● **Entries shown**:
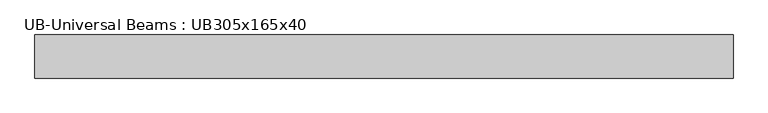
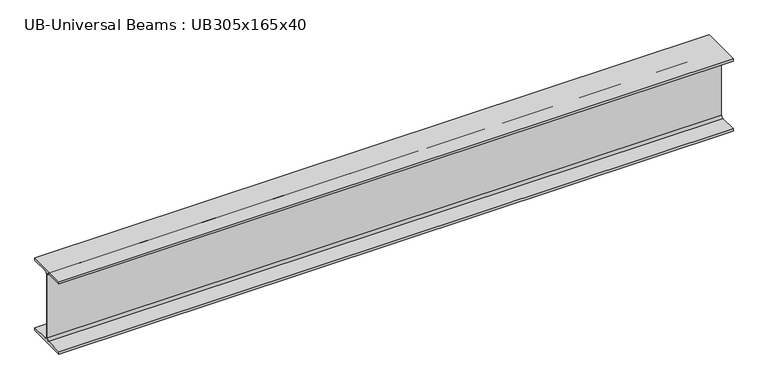
"""IFC4 building model written with IfcOpenShell, lengths in millimetres: beam geometry, UB-Universal Beams : UB305x165x40."""

from ifc_helpers import new_model, si_unit, point, frame, frame_2d, origin, place, context, project, spatial, polyline, circle_curve, trimmed, segment, composite_curve, outline, extrude, source, transform, mapped, element, save


def ub_universal_beams_ub305x165x40_8f112fac(model_context):
    return source(origin(), model_context, "Body", "SweptSolid", [
        extrude(outline(composite_curve([segment(polyline([(82.5, -141.5), (82.5, -151.7), (-82.5, -151.7), (-82.5, -141.5), (-11.9, -141.5)]), True, "CONTINUOUS"), segment(trimmed(circle_curve(frame_2d((-11.9, -132.6)), 8.9), [point((-11.9, -141.5))], [point((-3.0, -132.6))], True, "CARTESIAN"), True, "CONTINUOUS"), segment(polyline([(-3.0, -132.6), (-3.0, 132.6)]), True, "CONTINUOUS"), segment(trimmed(circle_curve(frame_2d((-11.9, 132.6)), 8.9), [point((-3.0, 132.6))], [point((-11.9, 141.5))], True, "CARTESIAN"), True, "CONTINUOUS"), segment(polyline([(-11.9, 141.5), (-82.5, 141.5), (-82.5, 151.7), (82.5, 151.7), (82.5, 141.5), (11.9, 141.5)]), True, "CONTINUOUS"), segment(trimmed(circle_curve(frame_2d((11.9, 132.6)), 8.9), [point((11.9, 141.5))], [point((3.0, 132.6))], True, "CARTESIAN"), True, "CONTINUOUS"), segment(polyline([(3.0, 132.6), (3.0, -132.6)]), True, "CONTINUOUS"), segment(trimmed(circle_curve(frame_2d((11.9, -132.6)), 8.9), [point((3.0, -132.6))], [point((11.9, -141.5))], True, "CARTESIAN"), True, "CONTINUOUS"), segment(polyline([(11.9, -141.5), (82.5, -141.5)]), True, "CONTINUOUS")], self_intersect=False)), frame((-1334.6, 0.0, 0.0), z_axis=(1.0, 0.0, 0.0), x_axis=(0.0, 1.0, 0.0)), (0.0, 0.0, 1.0), 2669.2),
    ])


if __name__ == "__main__":
    model = new_model("IFC4")
    model_context = context("Model", 3, world=origin())
    ifc_project = project(units=[si_unit("LENGTHUNIT", "METRE", prefix="MILLI")], contexts=[model_context])
    site = spatial("IfcSite", under=ifc_project)
    building = spatial("IfcBuilding", under=site)
    placement = place(None, origin())
    ub_universal_beams_ub305x165x40_shape = ub_universal_beams_ub305x165x40_8f112fac(model_context)
    element("IfcBeam", 1, ObjectType="UB-Universal Beams : UB305x165x40", at=placement, inside=building, context=model_context, shape_type="MappedRepresentation", body=[
        mapped(ub_universal_beams_ub305x165x40_shape, transform((0.0, 0.0, 0.0), x_axis=(1.0, 0.0, 0.0), y_axis=(0.0, 1.0, 0.0), z_axis=(0.0, 0.0, 1.0))),
    ])
    save(model, "model.ifc")

# Revit data of these elements
# Type "UB-Universal Beams : UB305x165x40"
#   Section Name Key = "UB305X165X40"
#   Width = 16.5 cm
#   Web Thickness = 0.6 cm
#   Web Fillet = 0.89 cm
#   Warping Constant = 164000.0 cm⁶
#   Torsional Moment of Inertia = 14.70 cm⁴
#   Section Area = 51.3 cm²
#   Plastic Modulus weak axis = 142.0 cm³
#   Plastic Modulus strong axis = 623.0 cm³
#   Nominal Weight = 40.2999 kgf/m
#   Moment of Inertia weak axis = 764.00 cm⁴
#   Moment of Inertia strong axis = 8503.00 cm⁴
#   Height = 30.34 cm
#   Flange Thickness = 1.02 cm
#   Elastic Modulus weak axis = 92.6 cm³
#   Elastic Modulus strong axis = 560.0 cm³
#   Centroid Vertical = 15.17 cm
#   Centroid Horizontal = 8.25 cm
#   Bolt Spacing = 9.0 cm
#   Length [instance default] = 1500 mm
#   Structural Material [instance default] = Metal - Steel 43-275
#   Type Comments = ""
#   Assembly Code = ""
# Element 1 (IfcBeam, "UB-Universal Beams : UB305x165x40")
#   Materials on its faces: "Metal - Steel 43-275"
# Materials
#   "Metal - Steel 43-275": class "Metal", colour RGB 247 247 247, transparency 0, Cost = 0
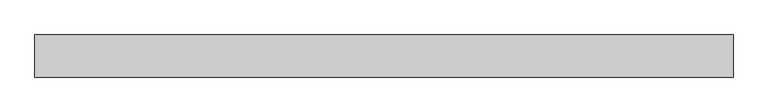
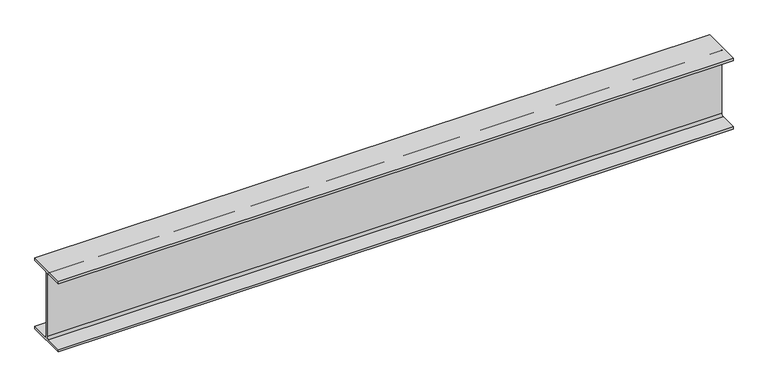
"""IFC4 building model written with IfcOpenShell, lengths in millimetres: beam geometry, Old_Steel Beam_H-KSD3502 : H_SB_ASB_H-200×200x8x12."""

from ifc_helpers import new_model, si_unit, point, frame, frame_2d, origin, place, context, project, spatial, polyline, circle_curve, trimmed, segment, composite_curve, outline, extrude, source, transform, mapped, element, save


def beam_0adccc4e(model_context):
    return source(origin(), model_context, "Body", "SweptSolid", [
        extrude(outline(composite_curve([segment(polyline([(82.5, -141.5), (82.5, -151.7), (-82.5, -151.7), (-82.5, -141.5), (-11.9, -141.5)]), True, "CONTINUOUS"), segment(trimmed(circle_curve(frame_2d((-11.9, -132.6)), 8.9), [point((-11.9, -141.5))], [point((-3.0, -132.6))], True, "CARTESIAN"), True, "CONTINUOUS"), segment(polyline([(-3.0, -132.6), (-3.0, 132.6)]), True, "CONTINUOUS"), segment(trimmed(circle_curve(frame_2d((-11.9, 132.6)), 8.9), [point((-3.0, 132.6))], [point((-11.9, 141.5))], True, "CARTESIAN"), True, "CONTINUOUS"), segment(polyline([(-11.9, 141.5), (-82.5, 141.5), (-82.5, 151.7), (82.5, 151.7), (82.5, 141.5), (11.9, 141.5)]), True, "CONTINUOUS"), segment(trimmed(circle_curve(frame_2d((11.9, 132.6)), 8.9), [point((11.9, 141.5))], [point((3.0, 132.6))], True, "CARTESIAN"), True, "CONTINUOUS"), segment(polyline([(3.0, 132.6), (3.0, -132.6)]), True, "CONTINUOUS"), segment(trimmed(circle_curve(frame_2d((11.9, -132.6)), 8.9), [point((3.0, -132.6))], [point((11.9, -141.5))], True, "CARTESIAN"), True, "CONTINUOUS"), segment(polyline([(11.9, -141.5), (82.5, -141.5)]), True, "CONTINUOUS")], self_intersect=False)), frame((-1342.1060823, 0.0, 0.0), z_axis=(1.0, 0.0, 0.0), x_axis=(0.0, 1.0, 0.0)), (0.0, 0.0, 1.0), 2735.8528348),
    ])


if __name__ == "__main__":
    model = new_model("IFC4")
    model_context = context("Model", 3, world=origin())
    ifc_project = project(units=[si_unit("LENGTHUNIT", "METRE", prefix="MILLI")], contexts=[model_context])
    site = spatial("IfcSite", under=ifc_project)
    building = spatial("IfcBuilding", under=site)
    placement = place(None, origin())
    beam_shape = beam_0adccc4e(model_context)
    element("IfcBeam", 1, ObjectType="Old_Steel Beam_H-KSD3502 : H_SB_ASB_H-200×200x8x12", at=placement, inside=building, context=model_context, shape_type="MappedRepresentation", body=[
        mapped(beam_shape, transform((0.0, 0.0, 0.0), x_axis=(1.0, 0.0, 0.0), y_axis=(0.0, 1.0, 0.0), z_axis=(0.0, 0.0, 1.0))),
    ])
    save(model, "model.ifc")

# Revit data of these elements
# Type "Old_Steel Beam_H-KSD3502 : H_SB_ASB_H-200×200x8x12"
#   Width = 20.0 cm
#   Web Thickness = 0.8 cm
#   Web Fillet = 1.3 cm
#   Warping Constant = 141376.0 cm⁶
#   Torsional Moment of Inertia = 26.2485 cm⁴
#   Torsional Modulus = 1.0 cm³
#   Section Area = 63.53 cm²
#   Plastic Modulus weak axis = 244.0 cm³
#   Plastic Modulus strong axis = 525.0 cm³
#   Perimeter = 1.16 m²/m
#   Nominal Weight = 49.90 kgf/m
#   Moment of Inertia weak axis = 1600.00 cm⁴
#   Moment of Inertia strong axis = 4720.00 cm⁴
#   Height = 20.0 cm
#   Flange Thickness = 1.2 cm
#   Elastic Modulus weak axis = 160.0 cm³
#   Elastic Modulus strong axis = 472.0 cm³
#   Centroid Vertical = 10.0 cm
#   Centroid Horizontal = 10.0 cm
#   Length [instance default] = 1.5240 m
#   Structural Material [instance default] = Steel, 45-345
#   Assembly Code = ""
# Element 1 (IfcBeam, "Old_Steel Beam_H-KSD3502 : H_SB_ASB_H-200×200x8x12")
#   Structural Material = none
# Materials
#   "Steel, 45-345": class "Metal", colour RGB 189 187 185, transparency 0, Description = "Steel 345 MPa", Cost = 0

● **What you need to do**:
Wherever a line holds the word "Centroid", copy that line out of the entries above.

● **Solution below**:
#   Centroid Vertical = 15.17 cm
#   Centroid Horizontal = 8.25 cm
#   Centroid Vertical = 10.0 cm
#   Centroid Horizontal = 10.0 cm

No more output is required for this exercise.